In 2022, the Supreme Court denied certiorari to the aforementioned ruling and, in a statement “Respecting the denial of certiorari”, Justice Alito, joined by Justices Thomas, Kavanaugh, and Barrett, commented on the merits of the case. In this statement the Court described as “troubling and narrow” the vision of religious education developed by the Massachusetts JSC. Furthermore, in the Court’s arguments there is an evident shift from a focus on the minister’s figure to the “autonomy” of the religious institution in defining the content and method of its religious instruction. Quoting Our Lady of Guadalupe the Court stated: “The Religion Clauses of the First Amendment sometimes forbid courts to intervene in employment disputes involving teachers at religious schools who are entrusted with the responsibility of instructing their students in the faith.'” Thus, the Court’s criterion consists in the total deference to the higher education institution.  

  1. Conclusions 

The individual academic freedom of professors emerges as an important value in legal scholarship but lacks support in the First Amendment’s jurisprudence. Conversely, the Supreme Court has repeatedly recognized the institutional academic and religious freedom of religious institutions. The AAUP’s emphasis on the individual freedom of faculty members overlooks the institutional perspective, while the ministerial exception’s jurisprudence does not consider the specificities of institutions of higher education. Indeed, if the Court’s reasoning prevails, faculty members at religious institutions would be left without meaningful legal protections. As employees of private institutions, they would not benefit even from the already weak guarantees of academic freedom. Nor could they seek protection under anti-discrimination laws, since the university has unilaterally classified them as “ministers”.  

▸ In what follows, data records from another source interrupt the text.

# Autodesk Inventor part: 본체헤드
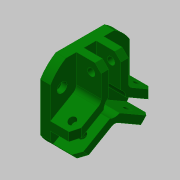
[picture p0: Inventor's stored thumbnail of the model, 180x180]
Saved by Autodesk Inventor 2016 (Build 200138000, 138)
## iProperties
Created: 2020-02
Part Number: 본체헤드
Material: 알루미늄 6061
Document SubType Name: Modeling
Designer: mduedu
Density: 1 g/cm^3
Appearance: 진녹색
Author: mduedu
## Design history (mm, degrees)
sketch "스케치1"
  geometry: L1 (-32, -32)-(32, -32); L2 (32, -32)-(32, 32); L3 (32, 32)-(-32, 32); L4 (-32, 32)-(-32, -32); L5 (-32, -32)-(32, 32); L6 (32, -32)-(-32, 32); 1 further point
  constraints: 12 end point, 2 midpoint, 2 parallel, 1 horizontal, 1 perpendicular
  dimensions: "d0" = 64 distance of L3.end L2.end; "d1" = 64 distance of L2.end L1.end
extrude "돌출1" new body sketch "스케치1" distance "d2" = 28; taper "d3" = 0 deg
sketch "스케치2"
  geometry: C1 r 37.5 at (0, 0); 1 further point
  constraints: 1 centre point, 1 coincident
  dimensions: "d4" = 75 diameter of C1
extrude "돌출2" sketch "스케치2" stored distance "d5" = 28; taper "d6" = 0 deg
sketch "스케치3"
  geometry: C1 r 20 at (0, 0); 1 further point
  constraints: 1 centre point, 1 coincident
  dimensions: "d7" = 40 diameter of C1
extrude "돌출3" join sketch "스케치3" distance "d8" = 12; taper "d9" = 0 deg
sketch "스케치4"
  geometry: L1 (-32, 19.551)-(-32, -19.551) reference; L2 (-19.551, -32)-(19.551, -32) reference; L3 (32, -19.551)-(32, 19.551) reference; L4 (19.551, 32)-(-19.551, 32) reference; L5 (0, 0)-(0, 37.5); L6 (0, 0)-(32.476, -18.75); L7 (0, 0)-(-32.476, -18.75); L8 (11, 6.351)-(11, 35.85); L9 (-11, 6.351)-(-11, 35.85); L10 (-11, 6.351)-(-36.547, -8.399); L11 (0, -12.702)-(-25.547, -27.451); L12 (11, 6.351)-(36.547, -8.399); L13 (0, -12.702)-(25.547, -27.451); L14 (-5, 2.887)-(-5, 37.165); L15 (5, 2.887)-(5, 37.165); L16 (-5, 2.887)-(-34.686, -14.252); L17 (0, -5.774)-(-29.686, -22.913); L18 (0, -5.774)-(29.686, -22.913); L19 (5, 2.887)-(34.686, -14.252); A1 r 37.5 centre (0, 0) between (-19.551, 32) and (-32, 19.551) reference; A2 r 37.5 centre (0, 0) between (-32, -19.551) and (-19.551, -32) reference; A3 r 37.5 centre (0, 0) between (19.551, -32) and (32, -19.551) reference; A4 r 37.5 centre (0, 0) between (32, 19.551) and (19.551, 32) reference; 1 further point
  constraints: 30 end point, 12 parallel, 2 point on circle, 1 coincident, 1 perpendicular, 24 other
  dimensions: "d10" = 120 deg angle of L6 L5; "d11" = 120 deg angle of L7 L6; "d12" = 22 distance between parallel lines of L8 L9; "d14" = 22 distance between parallel lines of L11 L10; "d15" = 22 distance between parallel lines of L12 L13; "d18" = 10 distance between parallel lines of L15 L14; "d19" = 10 distance between parallel lines of L18 L19; "d20" = 10 distance between parallel lines of L16 L17
  node "투영된 루프1"
extrude "돌출4" cut sketch "스케치4" distance "d16" = 20; taper "d17" = 0 deg
extrude "돌출5" cut sketch "스케치4" distance "d21" = 20; taper "d22" = 0 deg
sketch "스케치5"
  geometry: C1 r 9 at (0, 0); 1 further point
  constraints: 1 centre point, 1 coincident
  dimensions: "d23" = 18 diameter of C1
extrude "돌출6" cut sketch "스케치5" stored distance "d24" = 20; taper "d25" = 0 deg
sketch "스케치6"
  geometry: L1 (32, 0)-(19.551, 0) reference; C1 r 3 at (24, 20); 1 further point
  constraints: 1 centre point
  dimensions: "d26" = 6 diameter of C1; "d27" = 24 horizontal distance of C1.centre point (0, 0); "d28" = 20 distance from line of C1.centre L1
extrude "돌출7" cut sketch "스케치6" stored distance "d29" = 20; taper "d30" = 0 deg
sketch "스케치7"
  geometry: L1 (-20, -12)-(-20, 0) reference; L2 (-20, 0)-(-32, 0) reference; L3 (-32, 0)-(-32, 8) reference; L4 (-32, 8)-(-12.702, 8) reference; L5 (-12.702, 8)-(-12.702, 28) reference; L6 (-12.702, 28)-(-9, 28) reference; L7 (-9, 28)-(-9, -12) reference; L8 (-9, -12)-(-20, -12) reference; L9 (20, 0)-(20, -12) reference; L10 (20, -12)-(9, -12) reference; L11 (9, -12)-(9, 8) reference; L12 (9, 8)-(32, 8) reference; L13 (32, 8)-(32, 0) reference; L14 (32, 0)-(20, 0) reference; L15 (20, -8.35)-(17, -8.35); L16 (17, -8.35)-(17, -3.65); L17 (17, -3.65)-(20, -3.65); L18 (20, -3.65)-(20, -8.35); L19 (9, -2.4)-(11, -2.4); L20 (11, -2.4)-(11, -5.6); L21 (11, -5.6)-(9, -5.6); L22 (9, -5.6)-(9, -2.4); L23 (0, -20)-(0, 36) reference; L24 (17, -6)-(20, -6); L25 (11, -4)-(9, -4); 1 further point
  constraints: 20 end point, 4 midpoint, 4 parallel, 2 horizontal, 2 perpendicular, 2 point on line
  dimensions: "d34" = 6 distance between parallel lines of L24 L14; "d35" = 34 diameter of L16 L23; "d36" = 4.7 distance between parallel lines of L17 L15; "d37" = 8 distance between parallel lines of L25 L10; "d38" = 3.2 distance of L19.end L20.end; "d39" = 22 diameter of L20 L23
revolve "회전1" sketch "스케치7" stored, may be unused: angle "d40" = 90 deg
fillet "모깎기1" dims "d41" = 0.8
fillet "모깎기2" dims "d42" = 0.4
chamfer "모따기1" distance "d43" = 0.3; stored, may be unused: second distance "d44" = 2, angle "d45" = 45 deg
chamfer "모따기2" distance "d46" = 0.3; stored, may be unused: second distance "d47" = 2, angle "d48" = 45 deg
chamfer "모따기3" distance "d49" = 1; stored, may be unused: second distance "d50" = 2, angle "d51" = 45 deg
fillet "모깎기3" dims "d52" = 5
chamfer "모따기4" distance "d53" = 5; stored, may be unused: second distance "d54" = 2, angle "d55" = 45 deg
sketch "스케치8" dims "d56" = 52
  geometry: 3 further points
  constraints: 2 vertical alignment, 1 coincident, 2 other
hole "구멍1" sketch "스케치8" at (0, -26) diameter "d57" = 4.5; stored, may be unused: countersink angle "d61" = 90 deg, drill point angle "d63" = 118 deg; dims "d58" = 6, "d59" = 8, "d60" = 4.4, "d62" = 8
node "작업 평면1"
node "작업 평면2"
node "솔리드1"
pattern_circular "원형 패턴1" dims angle "d32" = 360 deg
pattern_circular "원형 패턴2" dims angle "d65" = 360 deg
node "절단 모서리 투영1"

Two significant steps seems to be available to safeguard both individual academic freedom and the institution’s confessional identity. First, the AAUP may reconsider their position and appreciate that the institutional dimension of academic freedom is an essential feature of the First Amendment. Second, courts could diversify the K-12 education system from the higher education context in their decisions. Indeed, college students are no lo longer children. They have the possibility to choose which university to enroll in, and even whether to attend university in the first place. Furthermore, mature students should be engaged in critical thinking. The Supreme Court has long acknowledged these positions in its broader academic freedom jurisprudence (for example herehere, and here); applying them to the dismissal cases in denominational universities could fundamentally transform how courts evaluate the rights of university faculty.